FIG. 4 is a perspective view of a lower concrete block forming a concrete block structure according to the present invention.

FIG. 5 is a perspective view of a floor slab block.

FIG. 6 is a perspective view of a slab block.

FIG. 7 is a side view of a structure of a water reservoir in which concrete blocks according to FIGS. 2 and 2 are connected to each other.

8 is a cross-sectional view taken along the section line I-I of FIG.

FIG. 9 is a detailed view of a joint portion and a joint portion for joining a concrete block structure.

FIG. 10 is a detailed view showing the joint between the upper concrete block and the lower concrete block and the floor slab.

FIG. 11 is a detailed view showing a joined state of the lower concrete block 1 ′ and the floor slab.

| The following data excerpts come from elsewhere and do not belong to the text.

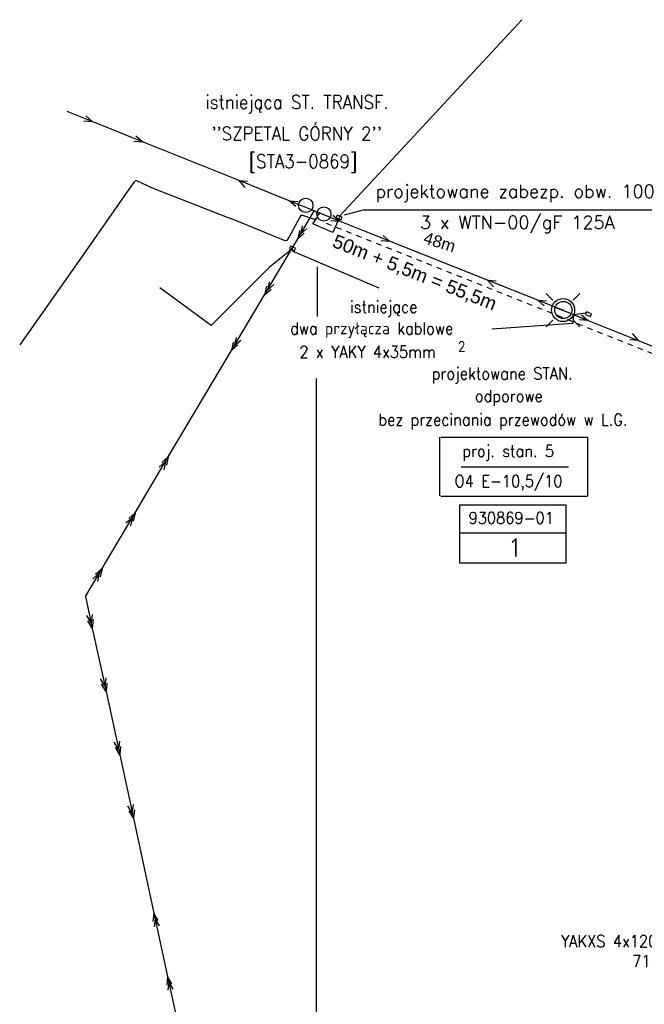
# Model space of a CAD drawing. Extents: x 6572638 to 13149531, y 5838629 to 11678088.
# Tile 3 of 37: x 6572962 to 6573078, y 5838912 to 5839095. Entities that reach past the tile are written whole.
import ezdxf

# ---------------------------------------------------------------- set-up
doc = ezdxf.new("R2010")
doc.units = 0
doc.header["$MEASUREMENT"] = 0
doc.linetypes.add('3_SUEP_A', pattern=[0])
doc.linetypes.add('DUL', pattern=[1, 0.5, -0.5])
doc.layers.get('0').update_dxf_attribs({"color": 250, "linetype": 'CONTINUOUS'})
for name, color, linetype in [('_L_NAP', 7, 'CONTINUOUS'), ('_OPIS_KABLA', 250, 'CONTINUOUS'), ('OPIS_LNAP', 250, 'CONTINUOUS'), ('SUE_T_3', 7, 'CONTINUOUS'), ('SUE_T_4', 1, 'CONTINUOUS'), ('SUEP_L_0', 1, '3_SUEP_A'), ('SUP_T_2', 7, 'CONTINUOUS')]:
    doc.layers.add(name, color=color, linetype=linetype)
doc.styles.add('ARIAL', font='ARIALI_0.TTF', dxfattribs={"width": 0.75})
doc.styles.add('ARIALC', font='ARIALBI0.TTF')
doc.styles.add('SIMPLEBX', font='simplex.shx', dxfattribs={"width": 0.7})

# ---------------------------------------------------------------- blocks, each defined once
blk = doc.blocks.new('4_SUEO_W')
at = {"linetype": 'CONTINUOUS'}
for p, q in [((-0.53035, 0.53035), (-0.8839, 0.8839)), ((0.53035, 0.53035), (0.8839, 0.8839)), ((-0.53035, -0.53035), (-0.8839, -0.8839)), ((0.53035, -0.53035), (0.8839, -0.8839))]:
    blk.add_line(p, q, dxfattribs=at)
blk.add_circle((0, 0), 0.025, dxfattribs=at)
blk = doc.blocks.new('4_SUES')
at = {"linetype": 'CONTINUOUS'}
for p, q in [((0.5, 0.25), (-0.5, 0.25)), ((-0.5, 0.25), (-0.5, -0.25)), ((0.5, -0.25), (0.5, 0.25)), ((-0.5, -0.25), (0.5, -0.25))]:
    blk.add_line(p, q, dxfattribs=at)
blk = doc.blocks.new('4_SUPP')
at = {"linetype": 'CONTINUOUS'}
blk.add_circle((0, 0), 0.25, dxfattribs=at)

msp = doc.modelspace()

# ---------------------------------------------------------------- linework, layer by layer
at = {"color": 1, "linetype": 'BYBLOCK'}
for p, q in [((6573039.7686, 5839017.38008), (6573039.7686, 5839006.49814)), ((6573040.04074, 5839017.38008), (6573067.1498, 5839017.38008)), ((6573067.1498, 5839017.38008), (6573067.1498, 5839006.49814)), ((6573043.7517, 5839011.85766), (6573063.63229, 5839011.85766)), ((6573040.04074, 5839006.40614), (6573067.1498, 5839006.40614))]:
    msp.add_line(p, q, dxfattribs=at)
at = {"layer": '_L_NAP', "color": 5}
for p, q in [((6573043.54353, 5838994.062), (6573043.54353, 5839004.82532)), ((6573043.54353, 5839004.82532), (6573063.11249, 5839004.82532)), ((6573063.11249, 5839004.82532), (6573063.11249, 5838994.062)), ((6573043.54353, 5838999.62302), (6573063.11249, 5838999.62302)), ((6573063.11249, 5838994.062), (6573043.54353, 5838994.062))]:
    msp.add_line(p, q, dxfattribs=at)
at = {"layer": '_OPIS_KABLA', "color": 1, "ltscale": 0.3}
for p, q in [((6573017.225, 5839039.64541), (6573017.225, 5839048.84998)), ((6573016.98987, 5839028.21168), (6573016.98987, 5838750.48205))]:
    msp.add_line(p, q, dxfattribs=at)
at = {"layer": 'OPIS_LNAP', "color": 1, "linetype": 'CONTINUOUS'}
for q in [(6573022.14155, 5839058.40182), (6573086.19454, 5839059.39231)]:
    msp.add_line((6573025.82441, 5839059.39231), q, dxfattribs=at)
at = {"layer": 'OPIS_LNAP', "color": 4, "linetype": 'DUL', "ltscale": 2}
msp.add_line((6573018.80231, 5839056.96997), (6573274.62211, 5838954.69759), dxfattribs=at)
at = {"layer": 'SUEP_L_0', "linetype": '3_SUEP_A'}
for p, q in [((6573054.96642, 5839094.58835), (6573021.37559, 5839058.28175)), ((6572975.58531, 5839075.75934), (6572970.94875, 5839077.63079)), ((6572975.58531, 5839075.75934), (6572974.38148, 5839076.78443)), ((6572974.00719, 5839075.85712), (6572975.58531, 5839075.75934)), ((6572984.85842, 5839072.01643), (6572975.58531, 5839075.75934)), ((6572984.85842, 5839072.01643), (6572983.6546, 5839073.04152)), ((6572983.28031, 5839072.11421), (6572984.85842, 5839072.01643)), ((6573002.71578, 5839064.80867), (6572984.85842, 5839072.01643)), ((6572982.85875, 5839063.93079), (6572973.03875, 5839049.84079)), ((6572983.14875, 5839064.31079), (6572982.85875, 5839063.93079)), ((6572983.35875, 5839064.59079), (6572983.14875, 5839064.31079)), ((6572983.51875, 5839064.79079), (6572983.35875, 5839064.59079)), ((6572983.79875, 5839064.79079), (6572983.51875, 5839064.79079)), ((6572986.68875, 5839063.41079), (6572983.79875, 5839064.79079)), ((6573000.59875, 5839057.97079), (6572986.68875, 5839063.41079)), ((6573011.98889, 5839061.06576), (6573002.71578, 5839064.80867)), ((6573003.82603, 5839063.55175), (6573002.71578, 5839064.80867)), ((6573002.71578, 5839064.80867), (6573004.29389, 5839064.71089)), ((6573016.62545, 5839059.19431), (6573011.98889, 5839061.06576)), ((6573013.19272, 5839060.04067), (6573011.98889, 5839061.06576)), ((6573011.98889, 5839061.06576), (6573013.56701, 5839060.96798)), ((6573001.90875, 5839057.50079), (6573000.59875, 5839057.97079)), ((6573013.86875, 5839057.92079), (6573011.95875, 5839054.42079)), ((6573013.56424, 5839054.03398), (6573016.62545, 5839059.19431)), ((6573014.10875, 5839058.33079), (6573013.86875, 5839057.92079)), ((6573014.50875, 5839058.39079), (6573014.10875, 5839058.33079)), ((6573016.72875, 5839057.61079), (6573014.50875, 5839058.39079)), ((6573017.58875, 5839058.66079), (6573016.62545, 5839059.19431)), ((6573017.23875, 5839058.35079), (6573017.09875, 5839057.85079)), ((6573017.58875, 5839058.66079), (6573017.23875, 5839058.35079)), ((6573021.25174, 5839057.98911), (6573021.17582, 5839057.76853)), ((6573021.37559, 5839058.28175), (6573021.25174, 5839057.98911)), ((6573011.25875, 5839053.65079), (6573001.90875, 5839057.50079)), ((6573014.40972, 5839056.43922), (6573014.07444, 5839054.89403)), ((6573016.36749, 5839056.83766), (6573017.09875, 5839057.85079)), ((6573020.04482, 5839055.18625), (6573016.36749, 5839056.83766)), ((6573017.09875, 5839057.85079), (6573016.72875, 5839057.61079)), ((6573021.17582, 5839057.76853), (6573020.04482, 5839055.18625)), ((6573011.95875, 5839054.42079), (6573011.55875, 5839053.75079)), ((6573013.89951, 5839055.57916), (6573013.56424, 5839054.03398)), ((6573013.56424, 5839054.03398), (6573014.75957, 5839055.06896)), ((6573014.07444, 5839054.89403), (6573015.26977, 5839055.92901)), ((6573007.44181, 5839043.71333), (6573013.56424, 5839054.03398)), ((6573011.55875, 5839053.75079), (6573011.25875, 5839053.65079)), ((6573012.36935, 5839051.99727), (6573008.34875, 5839048.78079)), ((6573012.60875, 5839052.25579), (6573012.36935, 5839051.99727)), ((6573012.74524, 5839051.67761), (6573012.60875, 5839052.25579)), ((6573028.62292, 5839044.94568), (6573012.74524, 5839051.67761)), ((6572973.03875, 5839049.84079), (6572962.16875, 5839034.41079)), ((6573008.34875, 5839048.78079), (6572997.53875, 5839038.00079)), ((6573007.77709, 5839045.25851), (6573007.44181, 5839043.71333)), ((6573008.28729, 5839046.11856), (6573007.95201, 5839044.57338)), ((6573007.95201, 5839044.57338), (6573009.14734, 5839045.60836)), ((6572997.53875, 5839038.00079), (6572988.07879, 5839044.96076)), ((6573001.31938, 5839033.39267), (6573007.44181, 5839043.71333)), ((6573007.44181, 5839043.71333), (6573008.63714, 5839044.74831)), ((6573064.56697, 5839039.98178), (6573064.39615, 5839038.35201)), ((6573066.78413, 5839040.26815), (6573064.56697, 5839039.98178)), ((6573064.39615, 5839038.35201), (6573049.44094, 5839037.30133)), ((6573001.65466, 5839034.93786), (6573001.31938, 5839033.39267)), ((6573001.31938, 5839033.39267), (6573002.51471, 5839034.42765)), ((6573002.16486, 5839035.79791), (6573001.82959, 5839034.25273)), ((6573001.82959, 5839034.25273), (6573003.02492, 5839035.28771)), ((6572989.62982, 5839013.68742), (6573001.31938, 5839033.39267)), ((6572983.50739, 5839003.36677), (6572989.62982, 5839013.68742)), ((6572987.92428, 5839011.79239), (6572989.11961, 5839012.82737)), ((6572988.43449, 5839012.65244), (6572989.62982, 5839013.68742)), ((6572989.11961, 5839012.82737), (6572988.78434, 5839011.28218)), ((6572989.62982, 5839013.68742), (6572989.29454, 5839012.14224)), ((6572977.38496, 5838993.04612), (6572983.50739, 5839003.36677)), ((6572982.31206, 5839002.33179), (6572983.50739, 5839003.36677)), ((6572983.50739, 5839003.36677), (6572983.17211, 5839001.82159)), ((6572981.80186, 5839001.47173), (6572982.99719, 5839002.50671)), ((6572982.99719, 5839002.50671), (6572982.66191, 5839000.96153)), ((6572974.32375, 5838987.88579), (6572977.38496, 5838993.04612)), ((6572976.18963, 5838992.01113), (6572977.38496, 5838993.04612)), ((6572977.38496, 5838993.04612), (6572977.04969, 5838991.50093)), ((6572975.67943, 5838991.15108), (6572976.87476, 5838992.18606)), ((6572976.87476, 5838992.18606), (6572976.53948, 5838990.64088)), ((6572974.32375, 5838987.88579), (6572975.59063, 5838982.02106)), ((6572975.37948, 5838982.99852), (6572974.57403, 5838984.35913)), ((6572975.59063, 5838982.02106), (6572974.78518, 5838983.38167)), ((6572975.55149, 5838984.57027), (6572975.37948, 5838982.99852)), ((6572975.76264, 5838983.59282), (6572975.59063, 5838982.02106)), ((6572975.59063, 5838982.02106), (6572978.12439, 5838970.29161)), ((6572977.91324, 5838971.26906), (6572977.10779, 5838972.62967)), ((6572978.08525, 5838972.84082), (6572977.91324, 5838971.26906)), ((6572978.12439, 5838970.29161), (6572977.31894, 5838971.65222)), ((6572978.29639, 5838971.86336), (6572978.12439, 5838970.29161)), ((6572978.12439, 5838970.29161), (6572980.65815, 5838958.56216)), ((6572980.447, 5838959.53961), (6572979.64155, 5838960.90022)), ((6572980.65815, 5838958.56216), (6572979.8527, 5838959.92277)), ((6572980.61901, 5838961.11137), (6572980.447, 5838959.53961)), ((6572980.83015, 5838960.13391), (6572980.65815, 5838958.56216)), ((6572980.65815, 5838958.56216), (6572983.19191, 5838946.8327)), ((6572982.98076, 5838947.81016), (6572982.17531, 5838949.17077)), ((6572983.15277, 5838949.38191), (6572982.98076, 5838947.81016)), ((6572983.19191, 5838946.8327), (6572982.38646, 5838948.19331)), ((6572983.36391, 5838948.40446), (6572983.19191, 5838946.8327)), ((6572983.19191, 5838946.8327), (6572986.98059, 5838929.29387)), ((6572986.98059, 5838929.29387), (6572986.80858, 5838927.72212)), ((6572986.98059, 5838929.29387), (6572989.51435, 5838917.56442)), ((6572987.78604, 5838927.93327), (6572986.98059, 5838929.29387)), ((6572987.19174, 5838928.31642), (6572987.01973, 5838926.74466)), ((6572987.99718, 5838926.95581), (6572987.19174, 5838928.31642)), ((6572989.51435, 5838917.56442), (6572989.34234, 5838915.99267)), ((6572989.51435, 5838917.56442), (6572992.04811, 5838905.83497)), ((6572990.3198, 5838916.20381), (6572989.51435, 5838917.56442)), ((6572989.7255, 5838916.58697), (6572989.55349, 5838915.01521)), ((6572990.53094, 5838915.22636), (6572989.7255, 5838916.58697))]:
    msp.add_line(p, q, dxfattribs=at)
at = {"layer": 'SUEP_L_0', "color": 4, "linetype": '3_SUEP_A'}
for p, q in [((6573021.26825, 5839057.33838), (6573016.62545, 5839059.19431)), ((6573021.26825, 5839057.33838), (6573020.061, 5839058.35944)), ((6573019.68982, 5839057.43088), (6573021.26825, 5839057.33838)), ((6573030.55384, 5839053.62653), (6573021.26825, 5839057.33838)), ((6573030.55384, 5839053.62653), (6573029.34659, 5839054.64759)), ((6573028.9754, 5839053.71903), (6573030.55384, 5839053.62653)), ((6573048.66037, 5839046.38857), (6573030.55384, 5839053.62653)), ((6573057.94595, 5839042.67671), (6573048.66037, 5839046.38857)), ((6573049.77481, 5839045.13537), (6573048.66037, 5839046.38857)), ((6573048.66037, 5839046.38857), (6573050.2388, 5839046.29607)), ((6573062.58875, 5839040.82079), (6573057.94595, 5839042.67671)), ((6573059.1532, 5839041.65566), (6573057.94595, 5839042.67671)), ((6573057.94595, 5839042.67671), (6573059.52438, 5839042.58422)), ((6573061.11832, 5839041.42918), (6573063.82543, 5839040.34255)), ((6573061.13514, 5839041.38042), (6573063.82348, 5839040.34508)), ((6573062.58875, 5839040.82079), (6573067.2312, 5839038.96401)), ((6573066.02414, 5839039.98529), (6573067.2312, 5839038.96401)), ((6573067.2312, 5839038.96401), (6573065.65279, 5839039.0568)), ((6573067.2312, 5839038.96401), (6573076.51611, 5839035.25045)), ((6573075.40189, 5839036.50385), (6573076.51611, 5839035.25045)), ((6573076.51611, 5839035.25045), (6573074.93769, 5839035.34324)), ((6573076.51611, 5839035.25045), (6573094.59139, 5839028.02113))]:
    msp.add_line(p, q, dxfattribs=at)
for centre, radius in [((6573062.61929, 5839040.86316), 2.13341), ((6573062.65739, 5839040.88306), 1.5898)]:
    msp.add_circle(centre, radius, dxfattribs=at)
at = {"layer": 'SUP_T_2', "linetype": 'CONTINUOUS'}
for p, q in [((6573016.07614, 5839059.49854), (6573016.51354, 5839059.25629)), ((6573016.71396, 5839059.14529), (6573017.15135, 5839058.90304))]:
    msp.add_line(p, q, dxfattribs=at)

# ---------------------------------------------------------------- block references
at = {"layer": 'SUE_T_3', "color": 1, "xscale": 3.5, "yscale": 3.5, "zscale": 3.5}
msp.add_blockref('4_SUEO_W', (6573062.60408, 5839040.84773), dxfattribs=at)
at = {"layer": 'SUE_T_4'}
for p, rotation in [((6573021.25174, 5839057.98911), 157.3758812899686), ((6573012.60875, 5839052.25579), 339.5385512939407)]:
    msp.add_blockref('4_SUES', p, dxfattribs=dict(at, rotation=rotation))
at = {"layer": 'SUEP_L_0', "color": 7, "linetype": '3_SUEP_A', "rotation": 338.8995085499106}
msp.add_blockref('4_SUES', (6573067.31851, 5839040.10345), dxfattribs=at)
at = {"layer": 'SUP_T_2'}
for p, xscale, yscale, zscale in [((6573015.05258, 5839060.24051), 5.291999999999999, 5.291999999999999, 5.291999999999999), ((6573018.40188, 5839058.64134), 5.249999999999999, 5.249999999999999, 5.249999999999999)]:
    msp.add_blockref('4_SUPP', p, dxfattribs=dict(at, xscale=xscale, yscale=yscale, zscale=zscale))

# ---------------------------------------------------------------- texts
at = {"color": 7, "linetype": 'BYBLOCK', "style": 'SIMPLEBX', "width": 0.9}
for s, height, p in [('istniejąca ST. TRANSF.', 2.5, (6572996.51726, 5839078.09423)), ("''SZPETAL GÓRNY 2''", 2.5, (6572997.58365, 5839072.27554)), ('[STA3-0869]', 2.5, (6573004.5158, 5839067.13598)), ('istniejące', 2.2, (6573023.23068, 5839040.36215)), ('dwa przyłącza kablowe', 2.2, (6573012.16748, 5839036.37421)), ('2 x YAKY 4x35mm', 2.2, (6573013.86867, 5839032.02252)), ('2', 1.8, (6573043.18856, 5839033.22928)), ('YAKXS 4x120mm', 2.2, (6573062.21757, 5838923.02253)), ('71m', 2.2, (6573075.38637, 5838919.31923))]:
    msp.add_text(s, height=height, dxfattribs=at).set_placement(p)
at = {"color": 1, "linetype": 'BYBLOCK', "style": 'ARIAL'}
msp.add_text('50m + 5,5m = 55,5m', height=2.5, rotation=338.3254618, dxfattribs=at).set_placement((6573019.77775, 5839052.63903))
at = {"color": 7, "linetype": 'BYBLOCK', "style": 'ARIALC'}
msp.add_text('48m', height=2.2, rotation=342.663394, dxfattribs=at).set_placement((6573036.62016, 5839053.29508))
at = {"color": 1, "linetype": 'BYBLOCK', "style": 'SIMPLEBX', "width": 0.9}
for s, p in [('projektowane STAN. ', (6573038.34194, 5839028.0419)), ('odporowe', (6573046.31325, 5839023.86219)), ('bez przecinania przewodów w L.G.', (6573028.46777, 5839019.49653)), ('proj. stan. 5', (6573043.98661, 5839013.68683)), ('O4 E-10,5/10', (6573042.56172, 5839008.1303))]:
    msp.add_text(s, height=2.2, dxfattribs=at).set_placement(p)
at = {"color": 5, "linetype": 'BYBLOCK', "style": 'SIMPLEBX', "width": 0.9}
msp.add_text('930869-01', height=2.2, dxfattribs=at).set_placement((6573045.13727, 5839001.30492))
at = {"layer": '_L_NAP', "color": 1, "style": 'SIMPLEBX'}
for s, p in [('projektowane zabezp. obw. 100', (6573027.93263, 5839061.63794)), ('3 x WTN-00/gF 125A', (6573036.15344, 5839055.89314))]:
    msp.add_text(s, height=2.4, dxfattribs=at).set_placement(p)
at = {"layer": '_L_NAP', "color": 5, "style": 'SIMPLEBX'}
msp.add_text('1', height=3.26815, dxfattribs=at).set_placement((6573052.36195, 5838995.29787))

doc.saveas('drawing.dxf')

FIG. 12 is a detailed view showing a joined state of the lower concrete block 1 ′ and the floor slab block.

[Explanation of symbols]

 1, 2 Upper concrete block 1 ', 2'Lower concrete block 1, 1', 2, 2'Concrete block body 11 Flange steel plate 14 Grout hole 30 Sheath pipe 31 PC-steel rod 32 Unbonded PC-steel rod 33 Coupler 34 Anchor Plate 35 Washer 36 Nut 37 High-tensile bolt 40 Grout mortar 41 Cement mortar A Concrete concrete structure

Claims (6)

[Claims] 1. In an underground reservoir structure, 1) an upper concrete block (1) integrally formed with a side wall (3, 3 ') and a top slab (4), and a side wall (3, 3).
3 ') and the lower concrete block (1') integrally formed with the bottom slab (5) are respectively connected vertically to form an intermediate block in the horizontal direction (X) and an intermediate block in the vertical direction (Y). , 2) Upper concrete block (2) integrally formed with side walls (3, 3 ') and top plate (4), and side walls (3, 3')
And the lower concrete block (2 ') integrally formed with the bottom slab (5) are respectively connected vertically and in the lateral direction (X).
As an intermediate block, an intermediate block is also used in the vertical direction (Y), and 3) these concrete blocks (1,1 ') and concrete blocks (2,2') are floored in the horizontal direction (X) and the vertical direction (Y). An underground reservoir structure characterized by being connected by a plate (6) and a bottom plate (7). 2. The upper concrete block (1) has an opening (8) in the middle of the side walls (3, 3 ') in the lateral direction (X),
The sheath tube (30) for vertical connection, the notch (9) and the side wall (3, 3 ') for joining in the lateral direction (X) and the sheath tube (30) and the joining portion on the top plate (4). It has (10), The underground reservoir structure of Claim 1 characterized by the above-mentioned. 3. The lower concrete block (1 ') has an opening (8) at an intermediate portion in the lateral direction (X), a connecting steel rod (32) for vertical connection, and a side wall for joining in the lateral direction (X). The (3, 3 ') and bottom plate (5) are provided with a plurality of sheath tubes (30) and joints (10), and the lateral direction (from the one end of the bottom plate (5) on the side wall (3, 3') side ( X) and vertical direction (Y)
The underground steel basin structure according to claim 1, wherein a flange steel plate (11) used for joining is provided in a protruding manner. 4. The upper concrete block (2) has an opening (8) at an intermediate portion of the side wall (3 ') in the lateral direction (X), and a sheath pipe (30) at the side wall (3, 3') for vertical connection. ), Notches (9) and side walls (3, 3 ') for joining in the lateral direction (X) and sheath plate (30) and joining part (10) on top plate (4). The underground reservoir structure according to claim 1. 5. The lower concrete block (2 ') has an opening (8) in the middle of the side wall (3') in the lateral direction (X), a connecting steel rod (32) for vertical connection, and a lateral direction (X). ), The side walls (3, 3 ') and the bottom plate (5) are provided with a plurality of sheath tubes (30) and joints (10).
The flange steel plate (11) used for joining in the lateral direction (X) and the longitudinal direction (Y) is projected from one end of the bottom slab (5) on the side, the underground according to claim 1. Reservoir structure. 6. An upper concrete block (1, 2 ') integrally joined together and a lower concrete block (1', 2 ') integrally joined together as claimed in claim 1. Underground reservoir structure.